Description of the task: Look through the records below, and whenever a line contains "drawing", copy it.

[Stored data]
------------

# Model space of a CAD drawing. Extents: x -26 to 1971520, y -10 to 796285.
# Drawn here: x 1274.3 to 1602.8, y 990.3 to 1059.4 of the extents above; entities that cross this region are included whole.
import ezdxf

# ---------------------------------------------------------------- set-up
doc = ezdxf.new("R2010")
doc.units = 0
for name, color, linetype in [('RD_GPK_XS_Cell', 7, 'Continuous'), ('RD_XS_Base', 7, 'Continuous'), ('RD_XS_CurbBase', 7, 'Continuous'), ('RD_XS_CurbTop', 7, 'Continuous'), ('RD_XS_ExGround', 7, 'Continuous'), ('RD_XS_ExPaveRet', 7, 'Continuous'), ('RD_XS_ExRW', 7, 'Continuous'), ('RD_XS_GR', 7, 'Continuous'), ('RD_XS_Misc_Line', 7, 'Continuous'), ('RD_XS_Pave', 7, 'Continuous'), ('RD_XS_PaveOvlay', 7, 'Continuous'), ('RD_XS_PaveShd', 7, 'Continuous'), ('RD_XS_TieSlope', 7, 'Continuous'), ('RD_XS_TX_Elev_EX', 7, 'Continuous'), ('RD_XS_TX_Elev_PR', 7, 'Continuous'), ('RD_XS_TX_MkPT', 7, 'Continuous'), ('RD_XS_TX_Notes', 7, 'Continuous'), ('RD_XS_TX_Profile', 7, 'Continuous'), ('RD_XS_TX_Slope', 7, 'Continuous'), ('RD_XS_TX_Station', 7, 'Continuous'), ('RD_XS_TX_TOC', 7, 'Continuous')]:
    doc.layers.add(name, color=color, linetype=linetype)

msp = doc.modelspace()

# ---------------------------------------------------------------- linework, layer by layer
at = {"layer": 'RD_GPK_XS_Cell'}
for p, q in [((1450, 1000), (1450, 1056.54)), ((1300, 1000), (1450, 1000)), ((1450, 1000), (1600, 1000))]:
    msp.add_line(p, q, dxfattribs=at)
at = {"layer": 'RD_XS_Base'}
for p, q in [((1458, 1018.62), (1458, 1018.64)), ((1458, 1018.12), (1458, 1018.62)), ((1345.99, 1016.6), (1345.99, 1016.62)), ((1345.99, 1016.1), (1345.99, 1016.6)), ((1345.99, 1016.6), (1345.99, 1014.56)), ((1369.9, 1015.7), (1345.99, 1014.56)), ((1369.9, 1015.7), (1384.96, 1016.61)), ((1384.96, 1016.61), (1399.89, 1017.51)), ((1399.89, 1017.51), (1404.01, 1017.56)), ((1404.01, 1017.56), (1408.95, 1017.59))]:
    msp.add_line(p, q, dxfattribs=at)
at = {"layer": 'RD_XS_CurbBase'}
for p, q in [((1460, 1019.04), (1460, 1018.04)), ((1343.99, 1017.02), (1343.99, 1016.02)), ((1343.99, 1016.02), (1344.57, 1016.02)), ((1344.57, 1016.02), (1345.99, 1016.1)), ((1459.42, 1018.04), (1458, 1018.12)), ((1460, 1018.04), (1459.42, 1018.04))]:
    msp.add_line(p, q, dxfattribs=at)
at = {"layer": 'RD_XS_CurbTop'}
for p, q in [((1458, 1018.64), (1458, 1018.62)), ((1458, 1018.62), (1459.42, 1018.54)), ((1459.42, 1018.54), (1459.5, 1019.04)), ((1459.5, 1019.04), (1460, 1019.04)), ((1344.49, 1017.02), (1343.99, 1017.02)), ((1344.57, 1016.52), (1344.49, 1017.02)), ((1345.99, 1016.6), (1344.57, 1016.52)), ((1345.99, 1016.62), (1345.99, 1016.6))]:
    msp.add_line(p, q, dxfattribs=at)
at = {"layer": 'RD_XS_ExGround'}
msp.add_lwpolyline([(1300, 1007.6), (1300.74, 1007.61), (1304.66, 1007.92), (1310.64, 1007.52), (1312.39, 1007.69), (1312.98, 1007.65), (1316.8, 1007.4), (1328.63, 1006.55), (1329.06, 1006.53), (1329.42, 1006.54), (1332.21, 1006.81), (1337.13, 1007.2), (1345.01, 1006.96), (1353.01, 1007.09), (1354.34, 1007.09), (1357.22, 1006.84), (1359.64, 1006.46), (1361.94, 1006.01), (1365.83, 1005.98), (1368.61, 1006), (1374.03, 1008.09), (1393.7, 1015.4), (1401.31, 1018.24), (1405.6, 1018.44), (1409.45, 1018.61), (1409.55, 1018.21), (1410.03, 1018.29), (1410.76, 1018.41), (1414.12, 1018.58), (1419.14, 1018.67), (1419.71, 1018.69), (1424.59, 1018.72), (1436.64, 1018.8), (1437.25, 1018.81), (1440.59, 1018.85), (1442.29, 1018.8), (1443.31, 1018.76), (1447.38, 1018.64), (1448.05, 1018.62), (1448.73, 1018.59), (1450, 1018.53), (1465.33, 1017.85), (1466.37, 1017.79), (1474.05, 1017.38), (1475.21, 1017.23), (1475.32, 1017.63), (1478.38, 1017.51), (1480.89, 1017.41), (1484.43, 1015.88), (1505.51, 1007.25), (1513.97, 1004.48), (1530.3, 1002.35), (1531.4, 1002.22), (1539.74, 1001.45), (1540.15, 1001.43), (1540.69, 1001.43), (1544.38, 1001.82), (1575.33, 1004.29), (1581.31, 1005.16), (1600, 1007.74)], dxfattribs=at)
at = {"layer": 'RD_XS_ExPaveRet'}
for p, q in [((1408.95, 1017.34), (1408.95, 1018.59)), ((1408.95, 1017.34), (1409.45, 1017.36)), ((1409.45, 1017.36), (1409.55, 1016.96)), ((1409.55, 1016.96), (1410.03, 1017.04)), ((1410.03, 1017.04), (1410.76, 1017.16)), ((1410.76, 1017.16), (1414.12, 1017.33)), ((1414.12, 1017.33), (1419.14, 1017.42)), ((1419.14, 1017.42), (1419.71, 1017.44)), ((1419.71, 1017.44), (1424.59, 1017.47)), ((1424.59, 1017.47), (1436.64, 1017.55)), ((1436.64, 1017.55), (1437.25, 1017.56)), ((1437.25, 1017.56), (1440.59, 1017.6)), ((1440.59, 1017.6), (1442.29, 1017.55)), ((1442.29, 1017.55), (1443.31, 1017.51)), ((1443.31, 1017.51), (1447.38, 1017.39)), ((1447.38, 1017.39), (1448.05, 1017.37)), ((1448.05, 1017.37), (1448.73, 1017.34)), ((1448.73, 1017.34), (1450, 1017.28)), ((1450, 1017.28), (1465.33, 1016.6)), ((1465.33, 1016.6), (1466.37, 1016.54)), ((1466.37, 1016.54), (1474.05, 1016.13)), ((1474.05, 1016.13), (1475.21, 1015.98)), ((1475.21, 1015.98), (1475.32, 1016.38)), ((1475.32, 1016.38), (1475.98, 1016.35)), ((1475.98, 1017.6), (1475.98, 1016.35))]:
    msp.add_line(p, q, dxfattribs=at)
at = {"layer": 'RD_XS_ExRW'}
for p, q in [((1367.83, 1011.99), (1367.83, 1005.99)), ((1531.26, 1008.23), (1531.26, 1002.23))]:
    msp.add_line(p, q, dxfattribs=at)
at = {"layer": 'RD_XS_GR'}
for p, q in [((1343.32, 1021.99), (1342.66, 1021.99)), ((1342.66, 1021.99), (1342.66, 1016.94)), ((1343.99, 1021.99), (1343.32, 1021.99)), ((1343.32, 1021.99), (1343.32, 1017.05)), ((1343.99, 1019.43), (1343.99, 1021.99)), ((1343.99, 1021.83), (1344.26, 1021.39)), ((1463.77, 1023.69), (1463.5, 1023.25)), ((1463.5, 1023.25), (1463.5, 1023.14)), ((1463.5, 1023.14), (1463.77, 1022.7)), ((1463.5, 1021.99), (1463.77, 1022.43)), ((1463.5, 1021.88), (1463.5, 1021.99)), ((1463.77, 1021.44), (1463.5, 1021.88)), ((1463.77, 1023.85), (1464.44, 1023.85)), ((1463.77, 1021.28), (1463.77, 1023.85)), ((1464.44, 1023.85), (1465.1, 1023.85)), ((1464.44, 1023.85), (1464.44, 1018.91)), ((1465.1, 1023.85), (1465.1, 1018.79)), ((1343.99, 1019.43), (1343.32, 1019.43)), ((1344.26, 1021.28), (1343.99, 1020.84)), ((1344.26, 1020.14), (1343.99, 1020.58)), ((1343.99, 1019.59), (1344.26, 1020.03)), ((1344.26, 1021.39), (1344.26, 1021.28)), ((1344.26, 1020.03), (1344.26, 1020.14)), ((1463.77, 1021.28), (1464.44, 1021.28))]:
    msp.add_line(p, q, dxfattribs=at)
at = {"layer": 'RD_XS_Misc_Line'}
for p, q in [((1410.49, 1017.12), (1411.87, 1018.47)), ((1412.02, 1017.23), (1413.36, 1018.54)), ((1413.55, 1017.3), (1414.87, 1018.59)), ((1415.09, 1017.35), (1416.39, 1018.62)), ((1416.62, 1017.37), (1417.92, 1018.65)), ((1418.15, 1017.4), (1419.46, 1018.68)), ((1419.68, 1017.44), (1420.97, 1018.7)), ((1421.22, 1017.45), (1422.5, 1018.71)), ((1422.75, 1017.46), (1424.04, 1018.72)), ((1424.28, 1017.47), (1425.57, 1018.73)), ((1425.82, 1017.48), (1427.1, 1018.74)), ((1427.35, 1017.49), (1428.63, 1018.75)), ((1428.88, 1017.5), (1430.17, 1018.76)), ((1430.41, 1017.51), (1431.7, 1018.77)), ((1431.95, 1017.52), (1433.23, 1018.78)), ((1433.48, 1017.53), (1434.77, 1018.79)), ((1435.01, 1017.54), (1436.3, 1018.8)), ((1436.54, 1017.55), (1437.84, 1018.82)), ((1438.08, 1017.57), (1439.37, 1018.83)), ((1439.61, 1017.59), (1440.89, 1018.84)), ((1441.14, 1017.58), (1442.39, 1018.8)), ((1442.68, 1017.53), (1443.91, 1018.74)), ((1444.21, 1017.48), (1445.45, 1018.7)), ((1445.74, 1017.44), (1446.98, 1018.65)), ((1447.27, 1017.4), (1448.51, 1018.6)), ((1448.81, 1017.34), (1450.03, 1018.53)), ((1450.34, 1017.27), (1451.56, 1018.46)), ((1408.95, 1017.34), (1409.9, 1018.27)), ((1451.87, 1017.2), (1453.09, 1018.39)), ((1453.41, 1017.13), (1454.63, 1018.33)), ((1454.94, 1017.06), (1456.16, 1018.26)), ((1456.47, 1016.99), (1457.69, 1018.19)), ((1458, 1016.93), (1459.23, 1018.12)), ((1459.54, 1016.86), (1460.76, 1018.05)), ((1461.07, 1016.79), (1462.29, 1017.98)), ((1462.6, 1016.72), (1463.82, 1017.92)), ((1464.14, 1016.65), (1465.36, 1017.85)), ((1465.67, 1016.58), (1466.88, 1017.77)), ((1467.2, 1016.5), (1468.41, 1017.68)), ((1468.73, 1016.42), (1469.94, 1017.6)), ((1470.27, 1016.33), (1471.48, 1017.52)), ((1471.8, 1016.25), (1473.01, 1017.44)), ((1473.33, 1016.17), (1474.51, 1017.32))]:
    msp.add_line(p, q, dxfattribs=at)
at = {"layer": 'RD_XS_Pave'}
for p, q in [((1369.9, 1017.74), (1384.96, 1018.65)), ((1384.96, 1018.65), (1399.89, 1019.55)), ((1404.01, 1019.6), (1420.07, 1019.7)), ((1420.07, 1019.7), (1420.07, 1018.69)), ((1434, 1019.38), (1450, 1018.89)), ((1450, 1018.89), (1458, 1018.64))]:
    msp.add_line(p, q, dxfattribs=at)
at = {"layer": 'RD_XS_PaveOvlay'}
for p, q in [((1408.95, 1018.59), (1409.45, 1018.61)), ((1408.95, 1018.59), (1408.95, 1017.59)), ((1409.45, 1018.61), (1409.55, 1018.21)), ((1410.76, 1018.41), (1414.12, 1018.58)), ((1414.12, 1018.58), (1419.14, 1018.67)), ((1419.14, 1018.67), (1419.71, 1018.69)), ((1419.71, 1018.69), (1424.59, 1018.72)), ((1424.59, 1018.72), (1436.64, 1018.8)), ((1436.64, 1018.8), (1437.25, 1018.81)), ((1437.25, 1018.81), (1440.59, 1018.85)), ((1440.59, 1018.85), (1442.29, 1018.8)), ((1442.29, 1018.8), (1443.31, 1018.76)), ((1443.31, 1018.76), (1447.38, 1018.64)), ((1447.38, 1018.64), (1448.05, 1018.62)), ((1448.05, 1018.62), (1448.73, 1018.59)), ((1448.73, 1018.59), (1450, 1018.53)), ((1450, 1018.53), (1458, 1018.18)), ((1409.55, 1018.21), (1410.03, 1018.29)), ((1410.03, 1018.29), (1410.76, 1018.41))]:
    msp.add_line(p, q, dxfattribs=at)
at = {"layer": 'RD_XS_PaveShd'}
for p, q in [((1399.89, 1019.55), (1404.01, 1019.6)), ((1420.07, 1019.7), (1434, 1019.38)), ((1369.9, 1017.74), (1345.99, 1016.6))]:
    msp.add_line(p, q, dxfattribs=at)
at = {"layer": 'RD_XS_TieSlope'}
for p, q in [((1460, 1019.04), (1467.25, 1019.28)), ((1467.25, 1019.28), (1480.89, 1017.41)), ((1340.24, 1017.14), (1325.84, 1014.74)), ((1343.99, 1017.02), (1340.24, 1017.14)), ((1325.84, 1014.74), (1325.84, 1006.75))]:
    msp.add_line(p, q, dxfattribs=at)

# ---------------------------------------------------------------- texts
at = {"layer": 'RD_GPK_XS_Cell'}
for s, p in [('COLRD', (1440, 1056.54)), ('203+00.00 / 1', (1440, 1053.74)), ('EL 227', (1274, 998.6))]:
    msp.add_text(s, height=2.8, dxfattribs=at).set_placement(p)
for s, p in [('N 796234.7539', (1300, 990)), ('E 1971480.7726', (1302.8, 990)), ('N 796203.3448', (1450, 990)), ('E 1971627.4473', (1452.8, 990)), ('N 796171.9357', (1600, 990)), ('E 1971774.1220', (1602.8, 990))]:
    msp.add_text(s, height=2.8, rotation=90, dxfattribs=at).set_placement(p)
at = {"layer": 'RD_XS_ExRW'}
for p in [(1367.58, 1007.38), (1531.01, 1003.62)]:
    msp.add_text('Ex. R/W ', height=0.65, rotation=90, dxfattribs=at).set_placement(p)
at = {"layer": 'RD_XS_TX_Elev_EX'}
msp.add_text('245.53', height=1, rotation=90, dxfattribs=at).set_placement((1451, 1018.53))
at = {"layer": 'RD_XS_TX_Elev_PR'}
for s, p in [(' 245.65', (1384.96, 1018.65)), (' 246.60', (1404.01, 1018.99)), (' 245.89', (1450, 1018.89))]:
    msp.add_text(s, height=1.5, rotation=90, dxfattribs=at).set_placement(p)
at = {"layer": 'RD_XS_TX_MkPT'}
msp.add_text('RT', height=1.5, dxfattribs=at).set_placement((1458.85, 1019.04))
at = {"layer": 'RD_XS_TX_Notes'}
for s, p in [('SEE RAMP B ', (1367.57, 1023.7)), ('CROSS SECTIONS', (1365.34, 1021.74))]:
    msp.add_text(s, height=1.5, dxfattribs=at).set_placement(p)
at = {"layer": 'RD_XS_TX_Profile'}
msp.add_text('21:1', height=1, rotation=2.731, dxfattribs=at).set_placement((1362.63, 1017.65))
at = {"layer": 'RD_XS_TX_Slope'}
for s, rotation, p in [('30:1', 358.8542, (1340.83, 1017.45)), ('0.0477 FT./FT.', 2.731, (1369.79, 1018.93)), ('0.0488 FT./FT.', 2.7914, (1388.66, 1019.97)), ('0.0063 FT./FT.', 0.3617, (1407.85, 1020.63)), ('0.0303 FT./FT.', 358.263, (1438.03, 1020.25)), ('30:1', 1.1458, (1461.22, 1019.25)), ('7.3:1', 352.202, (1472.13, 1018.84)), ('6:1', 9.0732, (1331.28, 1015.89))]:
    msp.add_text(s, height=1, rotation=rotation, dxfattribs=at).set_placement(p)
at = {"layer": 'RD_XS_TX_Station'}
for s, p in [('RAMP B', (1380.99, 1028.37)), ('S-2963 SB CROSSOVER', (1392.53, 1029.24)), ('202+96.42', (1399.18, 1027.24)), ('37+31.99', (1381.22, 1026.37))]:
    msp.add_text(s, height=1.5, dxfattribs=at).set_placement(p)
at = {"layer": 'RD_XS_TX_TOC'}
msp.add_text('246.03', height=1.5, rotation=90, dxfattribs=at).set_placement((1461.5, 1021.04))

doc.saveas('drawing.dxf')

------------

Exercise solution:
# Model space of a CAD drawing. Extents: x -26 to 1971520, y -10 to 796285.
doc.saveas('drawing.dxf')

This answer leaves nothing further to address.